**YOUR TASK**
Where the word "axes" occurs in a line of the data, return the whole line.

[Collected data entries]
□ □ □

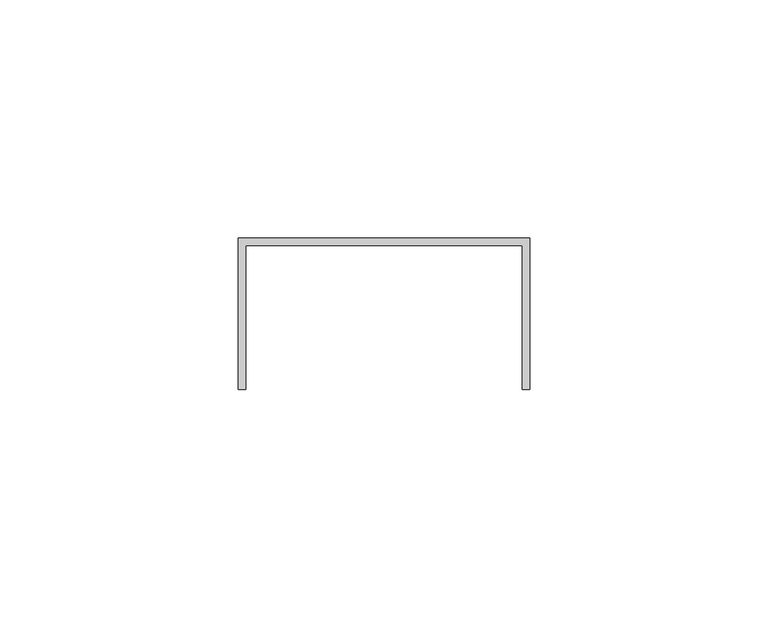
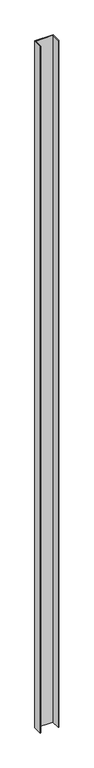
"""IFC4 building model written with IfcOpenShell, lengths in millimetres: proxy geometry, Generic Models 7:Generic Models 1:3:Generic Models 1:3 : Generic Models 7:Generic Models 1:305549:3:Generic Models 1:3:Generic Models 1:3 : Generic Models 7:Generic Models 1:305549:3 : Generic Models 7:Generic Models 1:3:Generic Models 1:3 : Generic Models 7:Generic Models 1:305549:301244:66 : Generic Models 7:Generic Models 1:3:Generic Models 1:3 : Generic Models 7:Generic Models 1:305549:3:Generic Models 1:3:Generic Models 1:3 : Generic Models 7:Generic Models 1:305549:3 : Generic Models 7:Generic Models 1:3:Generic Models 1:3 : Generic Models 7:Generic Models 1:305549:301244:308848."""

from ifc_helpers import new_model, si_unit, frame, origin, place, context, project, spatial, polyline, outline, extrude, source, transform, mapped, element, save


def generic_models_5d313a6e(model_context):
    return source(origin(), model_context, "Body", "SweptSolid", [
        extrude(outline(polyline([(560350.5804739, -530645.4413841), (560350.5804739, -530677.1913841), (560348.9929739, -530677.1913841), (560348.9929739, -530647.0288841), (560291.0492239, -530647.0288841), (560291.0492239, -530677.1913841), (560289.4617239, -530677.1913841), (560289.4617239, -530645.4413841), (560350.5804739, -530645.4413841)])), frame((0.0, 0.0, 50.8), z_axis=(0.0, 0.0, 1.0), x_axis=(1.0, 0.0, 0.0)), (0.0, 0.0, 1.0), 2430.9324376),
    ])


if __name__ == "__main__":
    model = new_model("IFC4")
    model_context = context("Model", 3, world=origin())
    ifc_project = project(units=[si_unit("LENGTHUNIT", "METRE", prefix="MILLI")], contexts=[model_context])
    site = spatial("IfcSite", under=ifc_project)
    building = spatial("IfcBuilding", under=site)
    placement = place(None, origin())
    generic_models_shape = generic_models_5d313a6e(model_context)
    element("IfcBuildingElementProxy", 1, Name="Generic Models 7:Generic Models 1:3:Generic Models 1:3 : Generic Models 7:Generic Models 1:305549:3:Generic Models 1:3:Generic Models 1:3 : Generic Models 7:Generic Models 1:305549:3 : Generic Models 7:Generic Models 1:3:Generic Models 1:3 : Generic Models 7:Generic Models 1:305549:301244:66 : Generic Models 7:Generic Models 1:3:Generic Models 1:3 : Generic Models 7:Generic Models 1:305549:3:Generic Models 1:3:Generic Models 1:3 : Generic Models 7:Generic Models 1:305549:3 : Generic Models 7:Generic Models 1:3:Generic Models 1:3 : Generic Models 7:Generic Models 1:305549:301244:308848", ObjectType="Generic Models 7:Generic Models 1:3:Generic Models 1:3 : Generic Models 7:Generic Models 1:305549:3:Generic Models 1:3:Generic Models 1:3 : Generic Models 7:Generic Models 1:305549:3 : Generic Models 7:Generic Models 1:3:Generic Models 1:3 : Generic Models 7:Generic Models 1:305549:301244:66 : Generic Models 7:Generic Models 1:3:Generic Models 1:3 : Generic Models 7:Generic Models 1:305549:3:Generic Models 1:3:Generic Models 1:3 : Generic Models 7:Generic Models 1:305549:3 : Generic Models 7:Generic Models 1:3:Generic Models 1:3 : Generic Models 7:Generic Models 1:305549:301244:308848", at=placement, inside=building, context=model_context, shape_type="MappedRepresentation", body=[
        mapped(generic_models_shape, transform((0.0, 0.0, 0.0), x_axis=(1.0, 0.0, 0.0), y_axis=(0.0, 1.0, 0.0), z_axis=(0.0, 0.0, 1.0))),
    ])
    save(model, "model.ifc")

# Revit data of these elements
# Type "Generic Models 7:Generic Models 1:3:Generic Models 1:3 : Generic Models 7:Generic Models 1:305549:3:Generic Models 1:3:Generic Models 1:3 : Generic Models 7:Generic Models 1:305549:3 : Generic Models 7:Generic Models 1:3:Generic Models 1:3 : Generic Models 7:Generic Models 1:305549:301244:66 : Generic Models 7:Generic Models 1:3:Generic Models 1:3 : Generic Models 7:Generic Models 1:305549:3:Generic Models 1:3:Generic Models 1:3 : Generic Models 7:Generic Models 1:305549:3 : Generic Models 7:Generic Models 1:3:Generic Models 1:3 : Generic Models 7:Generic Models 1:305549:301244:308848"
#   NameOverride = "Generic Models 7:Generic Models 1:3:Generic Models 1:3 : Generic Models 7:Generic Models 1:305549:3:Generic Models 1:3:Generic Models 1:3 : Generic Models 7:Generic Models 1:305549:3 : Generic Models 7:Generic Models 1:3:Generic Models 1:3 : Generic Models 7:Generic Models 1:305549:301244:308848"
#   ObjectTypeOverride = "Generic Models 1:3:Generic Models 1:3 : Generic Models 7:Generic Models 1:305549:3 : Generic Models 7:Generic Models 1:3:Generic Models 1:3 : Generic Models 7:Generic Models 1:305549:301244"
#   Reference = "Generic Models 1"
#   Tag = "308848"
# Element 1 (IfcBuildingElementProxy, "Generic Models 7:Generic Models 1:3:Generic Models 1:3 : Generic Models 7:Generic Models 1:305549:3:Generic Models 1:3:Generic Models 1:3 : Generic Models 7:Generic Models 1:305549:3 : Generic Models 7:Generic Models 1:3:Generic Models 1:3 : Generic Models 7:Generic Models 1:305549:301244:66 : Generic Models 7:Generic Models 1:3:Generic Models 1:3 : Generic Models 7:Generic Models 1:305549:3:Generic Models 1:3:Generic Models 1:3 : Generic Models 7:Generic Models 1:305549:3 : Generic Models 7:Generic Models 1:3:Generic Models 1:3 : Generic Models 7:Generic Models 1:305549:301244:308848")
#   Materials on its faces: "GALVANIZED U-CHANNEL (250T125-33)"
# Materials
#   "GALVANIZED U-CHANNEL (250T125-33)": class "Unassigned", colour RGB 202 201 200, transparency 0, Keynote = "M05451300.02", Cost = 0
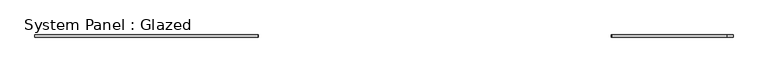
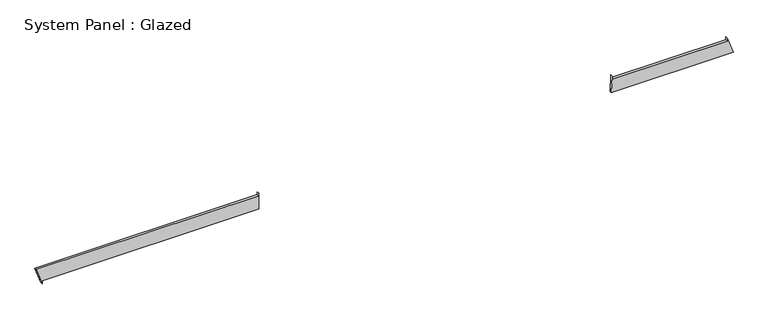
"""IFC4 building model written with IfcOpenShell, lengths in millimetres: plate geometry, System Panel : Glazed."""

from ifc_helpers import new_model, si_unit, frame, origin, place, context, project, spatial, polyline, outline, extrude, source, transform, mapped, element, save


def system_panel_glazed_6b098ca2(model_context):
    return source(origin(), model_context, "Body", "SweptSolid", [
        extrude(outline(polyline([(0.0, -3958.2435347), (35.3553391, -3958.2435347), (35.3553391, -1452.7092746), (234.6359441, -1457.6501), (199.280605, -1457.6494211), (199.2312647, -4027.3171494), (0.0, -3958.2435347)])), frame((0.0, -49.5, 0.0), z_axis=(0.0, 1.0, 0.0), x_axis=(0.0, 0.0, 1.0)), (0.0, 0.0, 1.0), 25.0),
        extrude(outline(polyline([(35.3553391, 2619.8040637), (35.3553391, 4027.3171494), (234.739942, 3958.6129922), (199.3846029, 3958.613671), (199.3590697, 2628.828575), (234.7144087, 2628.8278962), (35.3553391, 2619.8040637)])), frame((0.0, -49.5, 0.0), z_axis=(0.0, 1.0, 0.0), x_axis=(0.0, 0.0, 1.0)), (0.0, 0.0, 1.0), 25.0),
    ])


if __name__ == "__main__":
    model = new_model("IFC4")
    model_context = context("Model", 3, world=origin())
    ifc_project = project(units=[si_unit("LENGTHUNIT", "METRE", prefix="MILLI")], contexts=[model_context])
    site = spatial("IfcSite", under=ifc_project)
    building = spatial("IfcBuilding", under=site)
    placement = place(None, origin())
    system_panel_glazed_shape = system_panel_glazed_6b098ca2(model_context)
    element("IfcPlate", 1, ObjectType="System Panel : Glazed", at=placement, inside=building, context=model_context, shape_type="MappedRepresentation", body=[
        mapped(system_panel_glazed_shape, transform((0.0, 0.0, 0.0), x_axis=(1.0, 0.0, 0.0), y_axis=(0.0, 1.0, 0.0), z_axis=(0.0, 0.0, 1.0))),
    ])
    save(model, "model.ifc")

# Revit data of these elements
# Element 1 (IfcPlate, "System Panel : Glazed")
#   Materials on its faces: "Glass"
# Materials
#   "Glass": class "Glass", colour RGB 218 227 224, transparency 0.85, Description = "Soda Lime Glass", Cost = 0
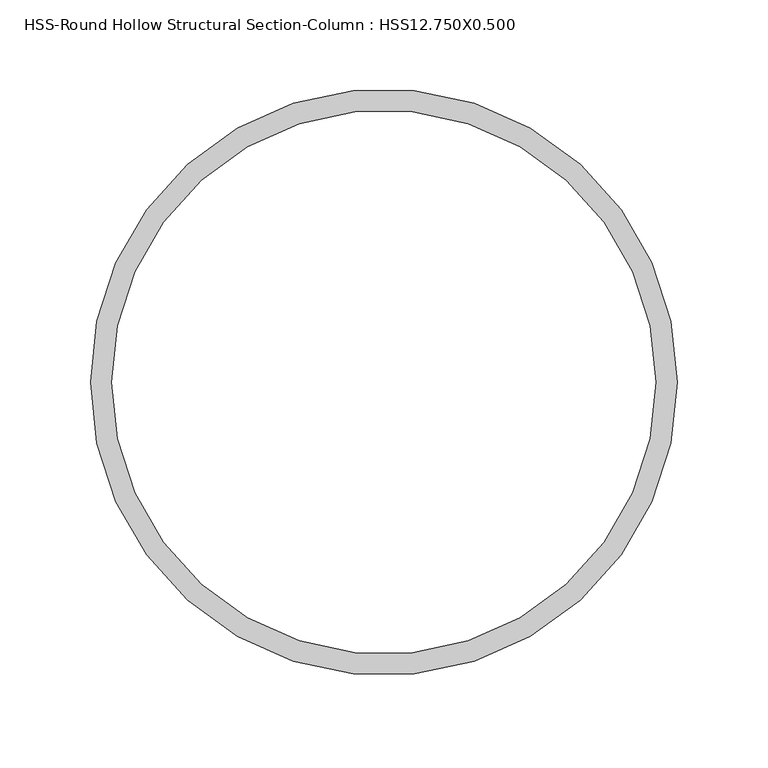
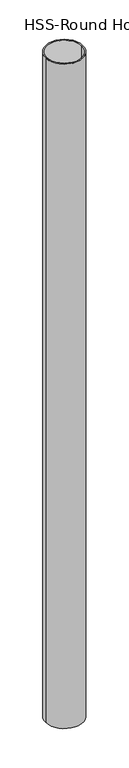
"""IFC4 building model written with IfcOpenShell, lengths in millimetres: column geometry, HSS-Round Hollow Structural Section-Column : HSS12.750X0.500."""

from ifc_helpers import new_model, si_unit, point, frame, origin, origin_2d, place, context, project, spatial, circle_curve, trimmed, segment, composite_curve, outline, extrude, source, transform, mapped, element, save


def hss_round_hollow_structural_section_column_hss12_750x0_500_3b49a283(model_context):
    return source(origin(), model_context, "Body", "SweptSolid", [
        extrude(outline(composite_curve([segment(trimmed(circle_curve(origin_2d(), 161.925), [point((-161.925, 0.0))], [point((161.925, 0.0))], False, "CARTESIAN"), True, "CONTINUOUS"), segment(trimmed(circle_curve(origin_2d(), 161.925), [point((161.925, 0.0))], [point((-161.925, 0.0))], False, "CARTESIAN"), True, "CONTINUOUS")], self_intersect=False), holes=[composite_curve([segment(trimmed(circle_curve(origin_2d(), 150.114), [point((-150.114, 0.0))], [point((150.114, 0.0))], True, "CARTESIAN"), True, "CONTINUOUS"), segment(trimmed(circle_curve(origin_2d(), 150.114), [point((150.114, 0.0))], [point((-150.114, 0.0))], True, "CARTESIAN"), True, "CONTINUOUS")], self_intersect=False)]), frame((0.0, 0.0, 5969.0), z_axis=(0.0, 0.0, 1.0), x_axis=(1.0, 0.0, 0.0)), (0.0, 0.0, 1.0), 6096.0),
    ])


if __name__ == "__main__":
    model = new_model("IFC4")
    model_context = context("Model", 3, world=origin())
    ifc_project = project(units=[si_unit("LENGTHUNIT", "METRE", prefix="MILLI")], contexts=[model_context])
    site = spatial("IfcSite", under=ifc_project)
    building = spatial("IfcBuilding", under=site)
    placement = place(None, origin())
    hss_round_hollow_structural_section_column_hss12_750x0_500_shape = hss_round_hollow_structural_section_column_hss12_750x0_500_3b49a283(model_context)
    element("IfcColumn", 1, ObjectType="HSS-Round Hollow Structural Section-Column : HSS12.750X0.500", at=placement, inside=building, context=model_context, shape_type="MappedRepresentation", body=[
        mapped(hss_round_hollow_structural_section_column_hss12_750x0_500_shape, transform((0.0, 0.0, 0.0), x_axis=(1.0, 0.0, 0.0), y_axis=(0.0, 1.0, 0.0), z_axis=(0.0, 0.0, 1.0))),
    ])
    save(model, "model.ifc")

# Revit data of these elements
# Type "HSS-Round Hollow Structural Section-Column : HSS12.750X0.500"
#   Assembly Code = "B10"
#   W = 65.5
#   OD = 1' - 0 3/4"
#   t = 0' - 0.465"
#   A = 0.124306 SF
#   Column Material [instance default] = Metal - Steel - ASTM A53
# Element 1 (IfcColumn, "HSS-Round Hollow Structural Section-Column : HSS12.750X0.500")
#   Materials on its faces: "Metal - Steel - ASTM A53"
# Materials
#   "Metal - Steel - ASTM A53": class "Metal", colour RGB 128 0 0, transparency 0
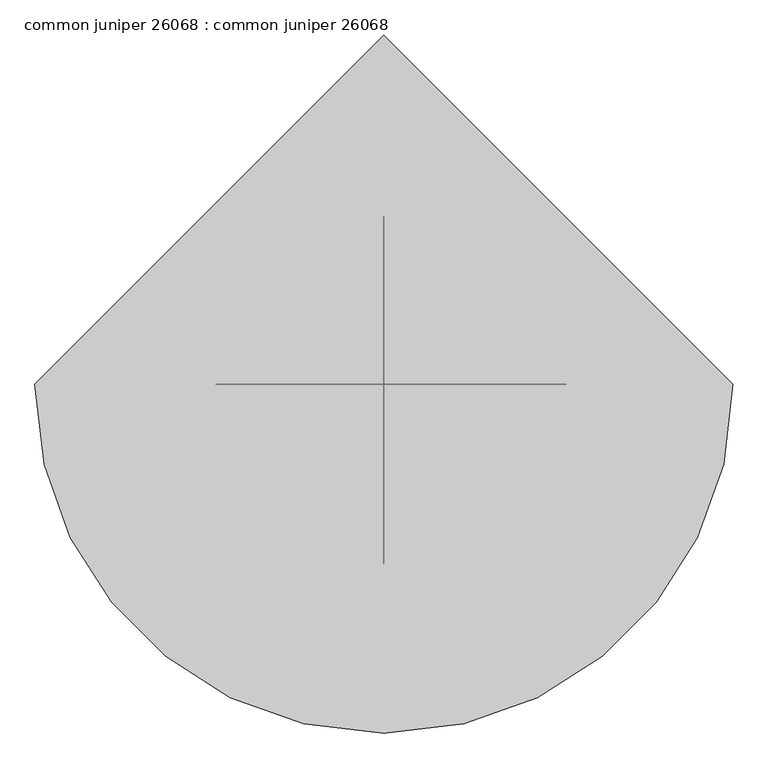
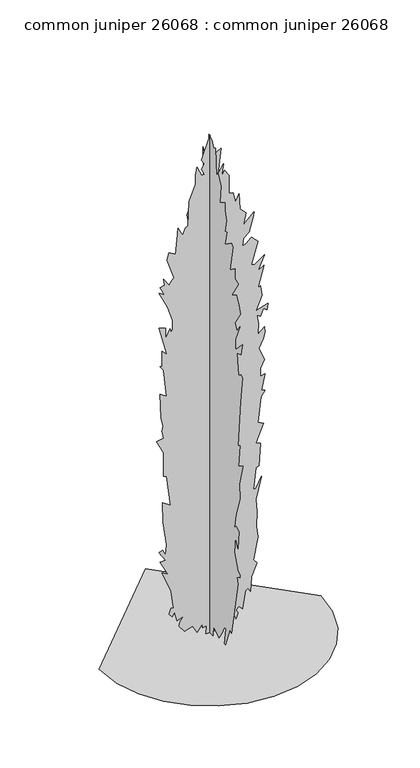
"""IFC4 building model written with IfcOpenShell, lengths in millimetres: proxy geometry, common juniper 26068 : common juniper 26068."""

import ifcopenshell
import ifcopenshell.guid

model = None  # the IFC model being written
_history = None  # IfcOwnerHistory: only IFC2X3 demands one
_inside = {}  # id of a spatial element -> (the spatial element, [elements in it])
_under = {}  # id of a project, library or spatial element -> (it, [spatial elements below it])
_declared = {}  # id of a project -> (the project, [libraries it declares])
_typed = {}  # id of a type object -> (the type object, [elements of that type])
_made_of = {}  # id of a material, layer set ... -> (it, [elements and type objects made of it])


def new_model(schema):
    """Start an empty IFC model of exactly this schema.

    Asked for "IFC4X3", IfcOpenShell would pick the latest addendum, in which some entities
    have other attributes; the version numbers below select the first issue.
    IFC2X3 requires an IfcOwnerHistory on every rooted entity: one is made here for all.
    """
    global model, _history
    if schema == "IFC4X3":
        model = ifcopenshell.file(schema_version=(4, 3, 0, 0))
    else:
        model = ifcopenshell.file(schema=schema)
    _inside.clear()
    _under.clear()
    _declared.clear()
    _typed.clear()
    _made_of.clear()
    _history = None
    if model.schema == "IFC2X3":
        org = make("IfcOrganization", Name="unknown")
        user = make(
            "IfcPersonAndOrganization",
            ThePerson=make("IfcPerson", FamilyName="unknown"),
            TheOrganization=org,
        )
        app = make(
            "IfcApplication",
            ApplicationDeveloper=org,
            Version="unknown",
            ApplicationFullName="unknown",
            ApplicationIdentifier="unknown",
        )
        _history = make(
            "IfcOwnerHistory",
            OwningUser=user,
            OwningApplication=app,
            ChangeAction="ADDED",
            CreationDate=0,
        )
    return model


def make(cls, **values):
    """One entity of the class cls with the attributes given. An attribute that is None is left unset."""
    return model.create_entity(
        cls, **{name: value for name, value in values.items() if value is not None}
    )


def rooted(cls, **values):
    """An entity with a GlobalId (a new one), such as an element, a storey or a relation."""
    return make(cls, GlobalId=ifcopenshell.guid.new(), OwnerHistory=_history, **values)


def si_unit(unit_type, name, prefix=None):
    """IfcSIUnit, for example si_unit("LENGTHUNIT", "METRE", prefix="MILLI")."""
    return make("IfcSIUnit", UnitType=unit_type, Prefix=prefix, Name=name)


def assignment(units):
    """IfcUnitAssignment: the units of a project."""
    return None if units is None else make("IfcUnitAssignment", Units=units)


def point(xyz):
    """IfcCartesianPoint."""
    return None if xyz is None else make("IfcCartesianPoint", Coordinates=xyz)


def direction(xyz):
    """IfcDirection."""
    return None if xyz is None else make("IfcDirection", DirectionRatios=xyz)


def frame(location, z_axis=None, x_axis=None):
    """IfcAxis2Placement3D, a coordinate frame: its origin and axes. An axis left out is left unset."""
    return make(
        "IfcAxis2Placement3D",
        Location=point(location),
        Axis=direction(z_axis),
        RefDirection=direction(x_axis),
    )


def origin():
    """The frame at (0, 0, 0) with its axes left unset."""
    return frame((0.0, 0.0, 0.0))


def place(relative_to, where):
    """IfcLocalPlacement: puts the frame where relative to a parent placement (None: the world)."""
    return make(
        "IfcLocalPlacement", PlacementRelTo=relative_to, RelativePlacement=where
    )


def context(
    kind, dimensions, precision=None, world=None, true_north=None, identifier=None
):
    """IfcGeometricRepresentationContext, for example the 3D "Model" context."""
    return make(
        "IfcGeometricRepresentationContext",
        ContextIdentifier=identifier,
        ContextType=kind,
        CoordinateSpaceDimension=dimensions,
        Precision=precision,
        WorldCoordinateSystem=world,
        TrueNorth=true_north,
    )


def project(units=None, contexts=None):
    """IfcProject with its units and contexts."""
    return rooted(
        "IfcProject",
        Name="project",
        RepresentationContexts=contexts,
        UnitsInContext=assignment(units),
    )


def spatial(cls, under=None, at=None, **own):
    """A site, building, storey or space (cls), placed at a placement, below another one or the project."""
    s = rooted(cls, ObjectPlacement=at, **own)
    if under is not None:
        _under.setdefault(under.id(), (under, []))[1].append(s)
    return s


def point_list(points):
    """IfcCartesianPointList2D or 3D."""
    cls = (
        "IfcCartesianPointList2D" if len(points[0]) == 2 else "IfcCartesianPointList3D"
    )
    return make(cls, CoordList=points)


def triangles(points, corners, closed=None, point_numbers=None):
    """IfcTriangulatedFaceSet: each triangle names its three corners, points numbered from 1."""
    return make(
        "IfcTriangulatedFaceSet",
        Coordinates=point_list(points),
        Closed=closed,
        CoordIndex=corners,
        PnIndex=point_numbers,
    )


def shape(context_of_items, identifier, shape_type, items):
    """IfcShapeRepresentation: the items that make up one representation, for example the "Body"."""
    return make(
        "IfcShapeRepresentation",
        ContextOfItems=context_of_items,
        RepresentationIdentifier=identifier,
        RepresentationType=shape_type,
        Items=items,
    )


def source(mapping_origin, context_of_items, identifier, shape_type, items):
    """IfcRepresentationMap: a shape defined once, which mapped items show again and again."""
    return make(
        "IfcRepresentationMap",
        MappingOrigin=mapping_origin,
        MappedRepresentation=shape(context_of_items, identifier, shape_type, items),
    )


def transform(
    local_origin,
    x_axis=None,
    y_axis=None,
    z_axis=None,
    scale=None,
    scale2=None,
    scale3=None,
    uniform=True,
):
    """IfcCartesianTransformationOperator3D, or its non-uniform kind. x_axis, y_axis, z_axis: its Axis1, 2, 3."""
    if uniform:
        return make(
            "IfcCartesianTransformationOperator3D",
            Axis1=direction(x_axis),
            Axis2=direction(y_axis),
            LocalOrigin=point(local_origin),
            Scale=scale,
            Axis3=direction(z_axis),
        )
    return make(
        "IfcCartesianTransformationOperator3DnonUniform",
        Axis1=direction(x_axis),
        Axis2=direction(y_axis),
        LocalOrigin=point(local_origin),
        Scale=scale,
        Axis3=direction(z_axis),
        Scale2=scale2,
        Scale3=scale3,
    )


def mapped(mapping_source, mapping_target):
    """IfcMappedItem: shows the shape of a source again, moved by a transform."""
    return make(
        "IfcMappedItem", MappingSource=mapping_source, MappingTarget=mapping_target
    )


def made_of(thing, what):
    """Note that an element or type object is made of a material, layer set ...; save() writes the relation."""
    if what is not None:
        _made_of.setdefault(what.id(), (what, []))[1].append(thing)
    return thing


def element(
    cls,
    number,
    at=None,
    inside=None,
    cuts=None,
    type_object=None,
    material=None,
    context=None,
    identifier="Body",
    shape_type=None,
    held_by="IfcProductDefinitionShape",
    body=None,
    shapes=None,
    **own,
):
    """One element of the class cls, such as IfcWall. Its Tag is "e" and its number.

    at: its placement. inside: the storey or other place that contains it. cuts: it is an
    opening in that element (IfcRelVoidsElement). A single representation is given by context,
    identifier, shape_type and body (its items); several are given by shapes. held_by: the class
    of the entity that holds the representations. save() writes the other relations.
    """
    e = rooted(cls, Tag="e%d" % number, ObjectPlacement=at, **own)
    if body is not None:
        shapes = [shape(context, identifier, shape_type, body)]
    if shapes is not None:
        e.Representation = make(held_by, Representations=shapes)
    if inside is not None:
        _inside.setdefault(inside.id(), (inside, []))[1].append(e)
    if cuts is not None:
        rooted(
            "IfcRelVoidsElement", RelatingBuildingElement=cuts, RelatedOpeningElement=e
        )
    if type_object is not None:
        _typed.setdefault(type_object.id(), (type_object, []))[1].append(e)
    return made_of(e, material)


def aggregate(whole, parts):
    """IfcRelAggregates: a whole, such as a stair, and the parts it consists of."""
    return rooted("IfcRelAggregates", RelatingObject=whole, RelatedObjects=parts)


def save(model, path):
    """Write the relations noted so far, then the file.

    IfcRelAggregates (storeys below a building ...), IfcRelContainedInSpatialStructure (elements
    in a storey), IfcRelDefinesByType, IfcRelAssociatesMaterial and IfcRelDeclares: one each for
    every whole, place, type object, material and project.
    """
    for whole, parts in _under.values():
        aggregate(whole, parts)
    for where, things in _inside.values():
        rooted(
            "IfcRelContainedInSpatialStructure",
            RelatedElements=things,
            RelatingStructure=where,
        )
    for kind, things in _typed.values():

□ □ □

**RESULT**
    """IfcAxis2Placement3D, a coordinate frame: its origin and axes. An axis left out is left unset."""
    """The frame at (0, 0, 0) with its axes left unset."""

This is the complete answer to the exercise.